Researchers Receive $3 million to Design Cancer-Killing Viruses

Contact:
Julia Evangelou Strait
314-286-0141
straitj@wustl.edu

Virus_Illustration_5_12
The illustration shows an adenovirus particle carrying metals and antibodies for cancer therapy. In this case, the metal is copper-64, a radioactive metal useful for both imaging and cancer therapy. Antibodies shown in orange and purple can target the virus to specific tissues or tumor types. Ilustration courtesy of Igor Dmitriev, PhD

May 22, 2012 – Researchers at Washington University School of Medicine and the Siteman Cancer Center have received a $3 million grant from the National Cancer Institute (NCI) to develop a triple threat in the fight against cancer: a single virus equipped to find, image and kill cancer cells, all at once.

Led by David Curiel, MD, PhD, Distinguished Professor of Radiation Oncology, the program will build on his group’s expertise with adenovirus, a virus that causes the common cold and has shown promise in cancer therapeutics and imaging.

“This is a virus that we know a lot about,” says Curiel, director of the Biologic Therapeutics Center at Washington University. “Our research seeks ways to use the virus like a nanoparticle
and capitalize on all the unique capacities of the virus and our ability to manipulate it.”

Developing a three-pronged attack on cancer cells is in line with the NCI’s pursuit of a new paradigm in cancer research. Known as theragnostics, the concept is to combine therapy and diagnostics
into one targeted attack on a specific cancer.
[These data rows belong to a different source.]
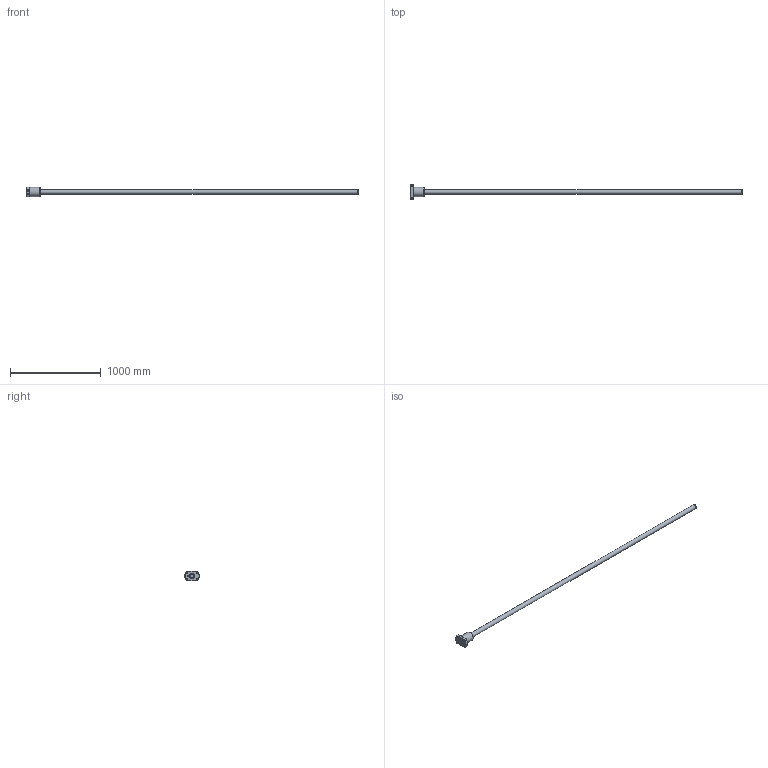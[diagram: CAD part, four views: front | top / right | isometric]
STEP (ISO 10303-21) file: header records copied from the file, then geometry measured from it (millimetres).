
FILE_DESCRIPTION( ( 'STEP AP203' ), ' ' );
FILE_NAME( 'p:/temp/worker_13/552_1568/app_70_12018011810543648142801818fa3fd_000000_00_00_000000/format_0/BTK 5016V-5.3ZZ+3665LT_35000.stp', '2018-01-18T09:54:37', ( '' ), ( '' ), ' ', 'PARTsolutions', ' ' );
FILE_SCHEMA( ( 'CONFIG_CONTROL_DESIGN' ) );
Length unit declared in the file: millimetre
Products named in the file (3): BTK 5016V-5.3ZZ+3665LT_35000; _BTK 5016V-5.33500 Shaft; _BTK 5016V-5.3ZZ Nut
Assembly tree (2 placements, depth 2):
  BTK 5016V-5.3ZZ+3665LT_35000
    _BTK 5016V-5.33500 Shaft
    _BTK 5016V-5.3ZZ Nut
Bounding box: 3665 x 162 x 104 mm (x, y, z)
Volume: 8224596.3 mm3; surface area: 690096.1 mm2
Topology: 2 solids, 2 shells, 40 faces, 87 edges, 57 vertices
Faces by surface type: cylinder 17, plane 14, cone 9
Full cylindrical faces by diameter (mm): 8.566 x1, 18 x4, 40 x2, 50 x4, 60 x2, 91.8 x1, 102 x1
Entity records: 1242 total; most frequent: CARTESIAN_POINT 315, DIRECTION 180, ORIENTED_EDGE 128, AXIS2_PLACEMENT_3D 84, EDGE_LOOP 77, EDGE_CURVE 64, FACE_OUTER_BOUND 55, VERTEX_POINT 53

“We would like to understand the patient’s biology and direct therapy on that basis,” Curiel says. “And ideally, such a personalized treatment agent should include everything you would want it to do – it would be targeted specifically to the cancer and avoid healthy cells, it would deliver therapeutic drugs, and it would have a method to image the tumor to monitor the outcome of therapy.”

According to Curiel, there is a focus on nanoparticles in this three-part theragnostic tool. Similar in size to viruses, nanoparticles are also heavily studied for their anti-cancer possibilities. But Curiel argues that viruses have some advantages over nanoparticles. Unlike nanoparticles that serve only as passive carriers, viruses have DNA, which offers another layer of cancer fighting or imaging potential.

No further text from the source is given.